Associate Professor, Nephrology

University of California, Davis

Eligibility Criteria

Inclusion Criteria

  • Moderate-severe CKD determined by eGFR \<50ml/min per 1.73m2 by CKD EPI equation on at least 2 consecutive occasions.
  • Metabolic acidosis defined as bicarbonate level\<24 on two consecutive occasions. Bicarbonate level of 24 or less allowed if eGFR\<=45ml/min per 1.73m2
  • Age 21 to 85 years old

Exclusion Criteria

  • Type 1 diabetes
  • Poorly controlled diabetes (HgbA1c\>10%)
  • History of persistent hyperkalemia (K\>5.4)
  • History of persistent hypokalemia (K\<3.3)
  • Uncontrolled blood pressure (\>170/100)
  • Chronic treatment with renal replacement therapy
  • History of aortic dissection or severe valvular heart disease
  • Exercise induced angina
  • Uncontrolled cardiac dysrhythmia
  • Oxygen dependent chronic obstructive pulmonary disease (COPD)

Arms & Interventions

Sodium bicarbonate 16 weeks

Sodium bicarbonate will be dosed at 0.8meq per kilogram of ideal body weight daily (1meq is approximately 84mg). We will use the Devine formula to determine ideal body weight. Investigational Drug Services at both UC Davis and Vanderbilt will compound the sodium bicarbonate. Sodium bicarbonate 650 mg tablets will be over-encapsulated and matching placebo capsules will be prepared. Participants will be limited to a maximum of 9 capsules daily (maximum dose = 5850mg of sodium bicarbonate). Capsules will be dispensed to patients in two separate 8-week allotments. The dose will be rounded to the nearest whole capsule and depending on participant preference may be divided into portions taken twice or thrice daily. Given the high probability of interruption in sodium bicarbonate supply and availability, we may need to change brands of sodium bicarbonate intermittently.

Intervention: Sodium bicarbonate

placebo 16 weeks

Microcrystalline cellulose

Intervention: placebo

Outcomes

Primary Outcomes

Insulin sensitivity (SI) by insulin clamp

Time Frame: 16 weeks

Primary endpoint for the hyperinsulinemic euglycemic clamp testing will be insulin sensitivity defined as (glucose disposal rate - concentration of infused glucose)/(insulin concentration at steady state - fasting insulin concentration).

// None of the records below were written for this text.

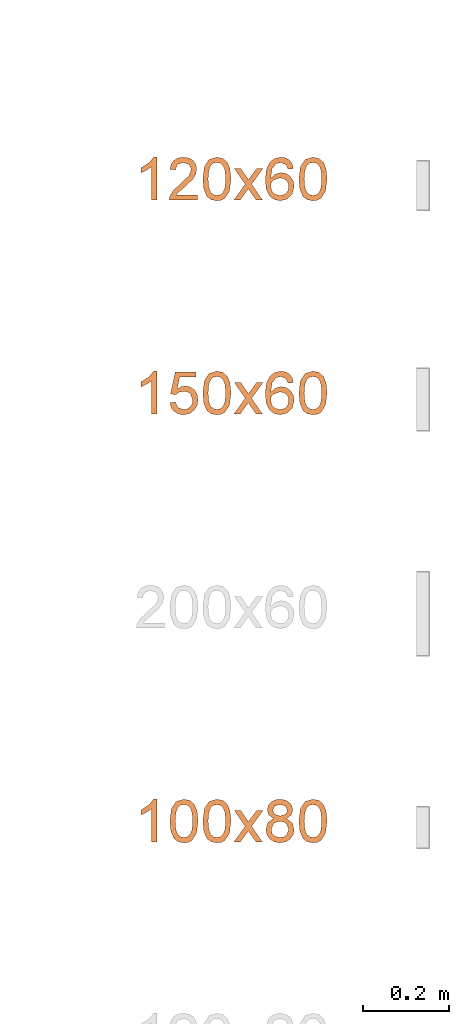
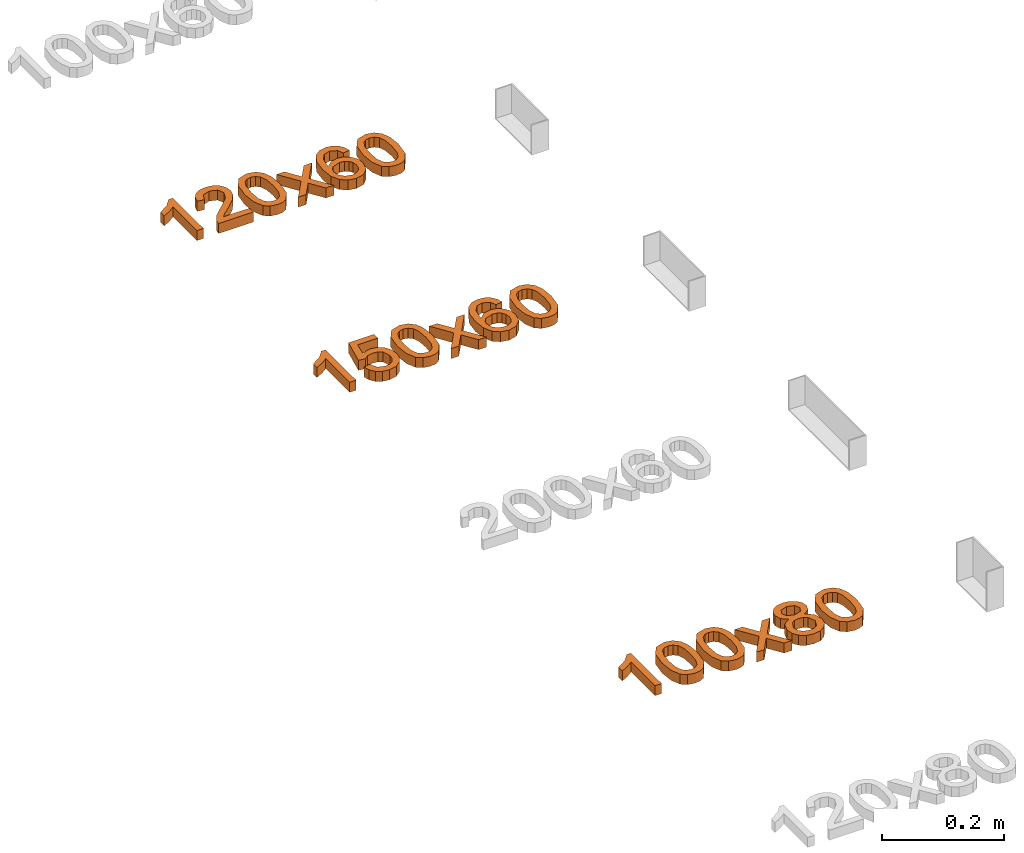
# One storey, part 58 of 71: 3 proxies.
"""IFC2X3 building model written with IfcOpenShell, lengths in millimetres."""

from ifc_helpers import new_model, entity, si_unit, converted_unit, derived_unit, direction, frame, origin, place, context, subcontext, project, spatial, polyline, outline, extrude, element, save


model = new_model("IFC2X3")

# Units and contexts
model_context = context("Model", 3, precision=0.01, world=origin(), true_north=direction((6.12303176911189e-17, 1.0)))
body_context = subcontext(model_context, "Body", "Model", "MODEL_VIEW")
ifc_project = project(units=[si_unit("LENGTHUNIT", "METRE", prefix="MILLI"), si_unit("AREAUNIT", "SQUARE_METRE"), si_unit("VOLUMEUNIT", "CUBIC_METRE"), converted_unit("PLANEANGLEUNIT", "DEGREE", entity("IfcRatioMeasure", 0.0174532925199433), si_unit("PLANEANGLEUNIT", "RADIAN"), dimensions=[0, 0, 0, 0, 0, 0, 0]), si_unit("MASSUNIT", "GRAM", prefix="KILO"), derived_unit("MASSDENSITYUNIT", [(si_unit("MASSUNIT", "GRAM", prefix="KILO"), 1), (si_unit("LENGTHUNIT", "METRE"), -3)]), si_unit("TIMEUNIT", "SECOND"), si_unit("FREQUENCYUNIT", "HERTZ"), si_unit("THERMODYNAMICTEMPERATUREUNIT", "DEGREE_CELSIUS"), derived_unit("THERMALTRANSMITTANCEUNIT", [(si_unit("MASSUNIT", "GRAM", prefix="KILO"), 1), (si_unit("THERMODYNAMICTEMPERATUREUNIT", "KELVIN"), -1), (si_unit("TIMEUNIT", "SECOND"), -3)]), derived_unit("VOLUMETRICFLOWRATEUNIT", [(si_unit("LENGTHUNIT", "METRE"), 3), (si_unit("TIMEUNIT", "SECOND"), -1)]), si_unit("ELECTRICCURRENTUNIT", "AMPERE"), si_unit("ELECTRICVOLTAGEUNIT", "VOLT"), si_unit("POWERUNIT", "WATT"), si_unit("FORCEUNIT", "NEWTON", prefix="KILO"), si_unit("ILLUMINANCEUNIT", "LUX"), si_unit("LUMINOUSFLUXUNIT", "LUMEN"), si_unit("LUMINOUSINTENSITYUNIT", "CANDELA"), derived_unit("USERDEFINED", [(si_unit("MASSUNIT", "GRAM", prefix="KILO"), -1), (si_unit("LENGTHUNIT", "METRE"), -2), (si_unit("TIMEUNIT", "SECOND"), 3), (si_unit("LUMINOUSFLUXUNIT", "LUMEN"), 1)]), derived_unit("LINEARVELOCITYUNIT", [(si_unit("LENGTHUNIT", "METRE"), 1), (si_unit("TIMEUNIT", "SECOND"), -1)]), si_unit("PRESSUREUNIT", "PASCAL"), derived_unit("USERDEFINED", [(si_unit("LENGTHUNIT", "METRE"), -2), (si_unit("MASSUNIT", "GRAM", prefix="KILO"), 1), (si_unit("TIMEUNIT", "SECOND"), -2)])], contexts=[model_context])

# Site, building, storey
site_placement = place(None, origin())
site = spatial("IfcSite", under=ifc_project, at=site_placement, Name="Default", CompositionType="ELEMENT")
building_placement = place(site_placement, origin())
building = spatial("IfcBuilding", under=site, at=building_placement, Name="Наименование здания", CompositionType="ELEMENT")
storey_placement = place(building_placement, origin())
storey = spatial("IfcBuildingStorey", under=building, at=storey_placement, Name="Этаж 01", CompositionType="ELEMENT", Elevation=0.0)

# Proxies
proxy_1_placement = place(storey_placement, origin())
element("IfcBuildingElementProxy", 1, at=proxy_1_placement, inside=storey, Name="Текст модели:100 мм Arial", ObjectType="Текст модели:100 мм Arial", context=body_context, shape_type="SweptSolid", body=[
    extrude(outline(polyline([(-63.8793021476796, -16.9184842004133), (36.5770080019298, -16.9184842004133), (36.5770080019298, -8.82508030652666), (23.2106288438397, 2.34626961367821), (11.4629304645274, 20.7526321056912), (-0.407395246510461, 20.7526321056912), (5.93243780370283, 7.53340574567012), (14.4059864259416, -4.3614454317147), (-63.8793021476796, -4.3614454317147), (-63.8793021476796, -16.9184842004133)])), frame((23948.1263490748, -1389.45595365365, 0.0), z_axis=(0.0, 0.0, 1.0), x_axis=(0.0, 1.0, 0.0)), (0.0, 0.0, 1.0), 20.0),
    extrude(outline(polyline([(-32.3858783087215, -45.1669477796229), (-32.3858783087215, -57.7239865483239), (33.5385752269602, -57.7239865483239), (32.1896745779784, -49.0664969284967), (24.5622545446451, -35.7369059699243), (8.84143061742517, -21.1810416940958), (-12.8390816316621, -0.260818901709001), (-18.259209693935, 13.9639515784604), (-13.1456499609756, 25.4786580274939), (0.208466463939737, 30.1752848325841), (14.1266686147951, 25.5890226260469), (19.4119066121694, 12.90935652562), (31.9689453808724, 14.4789863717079), (28.9247218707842, 26.6252235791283), (22.3426998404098, 35.4973110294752), (12.5662358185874, 40.9235704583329), (-0.061313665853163, 42.7323236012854), (-12.7808336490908, 40.7212353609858), (-22.5389035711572, 34.6879706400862), (-28.7469122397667, 25.6748617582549), (-30.8162484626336, 14.724241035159), (-28.5844310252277, 2.81712712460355), (-21.1654774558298, -9.49465698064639), (-3.1760478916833, -26.6992716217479), (11.2694517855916, -38.7780637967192), (16.9348345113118, -45.1669477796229), (-32.3858783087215, -45.1669477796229)])), frame((24026.8367457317, -1395.61126925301, 0.0), z_axis=(0.0, 0.0, -1.0), x_axis=(-1.0, 0.0, 0.0)), (0.0, 0.0, -1.0), 20.0),
    extrude(outline(polyline([(-7.02884310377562, -33.3490673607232), (17.5323805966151, -33.3490673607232), (35.1984171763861, -27.6137612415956), (43.3439841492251, -18.4876517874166), (47.0516941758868, -5.75150665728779), (46.7162020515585, 4.48638208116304), (43.446577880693, 13.0955287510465), (27.9444305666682, 25.6659118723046), (-0.314338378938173, 32.2325535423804), (-24.0296505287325, 32.367828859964), (-39.4143020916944, 28.0260881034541), (-49.7293680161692, 18.9002174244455), (-54.4436715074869, 4.63998875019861), (-50.8676582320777, -14.130105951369), (-35.4058547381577, -26.7333390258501), (-7.02884310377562, -33.3490673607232)]), holes=[polyline([(-5.77428774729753, -20.8548320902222), (-25.015764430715, -17.3562860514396), (-36.7257089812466, -11.5717922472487), (-41.0962588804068, -4.77599682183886), (-41.9669219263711, 3.21464792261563), (-39.2244253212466, 11.279129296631), (-32.8654063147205, 17.2229259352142), (-20.9698370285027, 20.2947501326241), (-1.61768958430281, 19.7433141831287), (17.851414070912, 16.270770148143), (28.7803640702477, 10.7141596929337), (33.5546988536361, 3.61815959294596), (34.5599568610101, -4.4725533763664), (31.9421230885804, -12.1923199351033), (25.8471825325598, -18.1754808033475), (14.0250679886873, -21.4027476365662), (-5.77428774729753, -20.8548320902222)])]), frame((24105.6712003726, -1407.512078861, 0.0), z_axis=(0.0, 0.0, 1.0), x_axis=(0.101851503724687, -0.994799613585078, 0.0)), (0.0, 0.0, 1.0), 20.0),
    extrude(outline(polyline([(-34.5302215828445, -38.4265006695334), (-19.4225343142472, -38.4265006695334), (-0.341721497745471, -12.0616243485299), (2.47870713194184, -16.1328517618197), (17.8561745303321, -38.4265006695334), (32.9638617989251, -38.4265006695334), (7.40832586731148, -1.34399555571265), (33.9448804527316, 35.3461020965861), (18.8371931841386, 35.3461020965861), (4.95577923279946, 16.1671874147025), (0.0261604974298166, 9.34910777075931), (-5.66374769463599, 17.6877663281), (-17.8529044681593, 35.3461020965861), (-32.9605917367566, 35.3461020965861), (-7.69936140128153, -1.34399555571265), (-34.5302215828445, -38.4265006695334)])), frame((24178.512857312, -1414.9087551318, 0.0)), (0.0, 0.0, 1.0), 20.0),
    extrude(outline(polyline([(6.79275401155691, -32.5027761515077), (18.3659045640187, -32.5027761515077), (28.1525204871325, -28.8011371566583), (35.6312934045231, -21.7178704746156), (40.280914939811, -11.5729874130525), (41.41307898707, 3.23667074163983), (36.1391243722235, 16.3729018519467), (21.8599739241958, 28.8803269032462), (-1.50836821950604, 38.2054593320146), (-23.6059131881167, 41.7609274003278), (-39.981422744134, 38.596528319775), (-51.1650797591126, 29.9216784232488), (-57.6870671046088, 16.9457940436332), (-57.9805556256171, -0.0494879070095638), (-49.2081886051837, -14.3141019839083), (-33.6167855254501, -22.9350568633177), (-20.6265742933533, -24.2502330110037), (-8.97800352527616, -20.6254922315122), (0.0919027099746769, -13.035096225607), (5.34612034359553, -2.45330669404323), (5.85483161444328, 11.6447254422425), (-0.843339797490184, 24.991063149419), (19.7707676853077, 15.5765036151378), (28.4840991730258, 4.26766164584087), (28.3893512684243, -7.4637453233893), (19.9956250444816, -18.1936336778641), (8.633035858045, -19.9825396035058), (6.79275401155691, -32.5027761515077)]), holes=[polyline([(-18.758671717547, 29.9549594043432), (-11.6328110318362, 26.3613362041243), (-6.9415407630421, 20.203831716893), (-5.85783236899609, 4.1376106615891), (-9.48331864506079, -3.95286412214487), (-15.1077394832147, -9.26901644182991), (-22.3091633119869, -11.5969098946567), (-30.6656585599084, -10.7226080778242), (-38.6094491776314, -7.06141592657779), (-43.8637090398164, -1.22509865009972), (-46.183528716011, 6.17768396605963), (-45.3239987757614, 14.538272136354), (-39.6901171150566, 24.722197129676), (-30.0168134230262, 30.0585493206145), (-18.758671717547, 29.9549594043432)])]), frame((24254.1707871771, -1394.7875175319, 0.0), z_axis=(0.0, 0.0, 1.0), x_axis=(-0.267015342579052, 0.963692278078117, 0.0)), (0.0, 0.0, 1.0), 20.0),
    extrude(outline(polyline([(-7.02884310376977, -33.3490673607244), (17.5323805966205, -33.3490673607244), (35.198417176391, -27.6137612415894), (43.3439841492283, -18.487651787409), (47.0516941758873, -5.7515066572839), (46.7162020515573, 4.48638208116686), (43.4465778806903, 13.0955287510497), (27.9444305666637, 25.6659118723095), (-0.314338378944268, 32.232553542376), (-24.0296505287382, 32.3678288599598), (-39.4143020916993, 28.0260881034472), (-49.7293680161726, 18.9002174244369), (-54.4436715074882, 4.63998875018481), (-50.8676582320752, -14.1301059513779), (-35.4058547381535, -26.7333390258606), (-7.02884310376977, -33.3490673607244)]), holes=[polyline([(-5.77428774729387, -20.8548320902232), (-25.0157644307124, -17.3562860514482), (-36.7257089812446, -11.5717922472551), (-41.0962588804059, -4.77599682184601), (-41.9669219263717, 3.21464792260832), (-39.224425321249, 11.2791292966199), (-32.865406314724, 17.2229259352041), (-20.9698370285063, 20.2947501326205), (-1.61768958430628, 19.7433141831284), (17.8514140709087, 16.2707701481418), (28.7803640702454, 10.7141596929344), (33.5546988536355, 3.61815959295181), (34.5599568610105, -4.47255337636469), (31.9421230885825, -12.1923199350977), (25.847182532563, -18.175480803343), (14.0250679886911, -21.4027476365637), (-5.77428774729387, -20.8548320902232)])]), frame((24330.1282683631, -1407.512078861, 0.0), z_axis=(0.0, 0.0, 1.0), x_axis=(0.101851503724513, -0.994799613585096, 0.0)), (0.0, 0.0, 1.0), 20.0),
])
proxy_2_placement = place(storey_placement, origin())
element("IfcBuildingElementProxy", 2, at=proxy_2_placement, inside=storey, Name="Текст модели:100 мм Arial", ObjectType="Текст модели:100 мм Arial", context=body_context, shape_type="SweptSolid", body=[
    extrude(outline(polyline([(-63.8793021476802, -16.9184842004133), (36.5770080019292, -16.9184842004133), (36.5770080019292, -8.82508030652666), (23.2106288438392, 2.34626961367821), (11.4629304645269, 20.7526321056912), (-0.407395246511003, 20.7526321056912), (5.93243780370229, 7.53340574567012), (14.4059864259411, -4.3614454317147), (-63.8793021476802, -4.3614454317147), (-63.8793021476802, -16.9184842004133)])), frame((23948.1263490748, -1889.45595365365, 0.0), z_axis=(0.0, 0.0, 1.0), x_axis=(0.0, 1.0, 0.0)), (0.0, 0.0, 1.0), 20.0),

Units are mg/min per microunit per milliliter.

Walking endurance by 6-minute walk

Time Frame: 16 weeks

Meters

total work performed on cycle ergometry VO2

Time Frame: 16 weeks

Total work will be obtained by cycle ergometry using standard protocol measuring oxygen uptake starting at 0 watts (W) at 60 rotations per minute (rpm) increasing by 25W every 2 minutes until volitional exhaustion adapting a prior protocol used in CKD patients. The primary measure will be total work completed (Joules).

muscle work efficiency cycle ergometry

Time Frame: 16 weeks

joules/ml Oxygen(VO2 peak)

muscle mitochondrial oxidative capacity by 31P MRS

Time Frame: 16 weeks

We will use 31P MRS to evaluate the concentration of phospho-creatine (PCr) and other phosphate-energy carrier molecules in limb muscles. After one minute of basal resting measurements, patients will be asked to perform two knee extensions every second against ankle weights 5-10% of the maximal voluntary contraction. The exercise protocol will last 60-90 seconds (a total of 60 knee extensions) followed by 6 minutes of rest. The intensity of the exercise decreases phosphocreatine (PCr) levels with minimal change in muscle pH. Spectra analysis was performed with AMARES from the jMRUI software package. Spectra are used to calculate the relative concentrations of inorganic phosphate (Pi), PCr, and ATP. PCr recovery will be measured through 6min of rest and fit with a monoexponential equation.

FACIT-F Fatigue (PRO)

Time Frame: 16 weeks

score on FACIT-F questionnaire

Secondary Outcomes

  • PROMIS Fatigue (PRO)(16 weeks)
  • 30 second sit to stand test(16 weeks)
  • Intermuscular fat by MRI(16 weeks)

Study Sites (2)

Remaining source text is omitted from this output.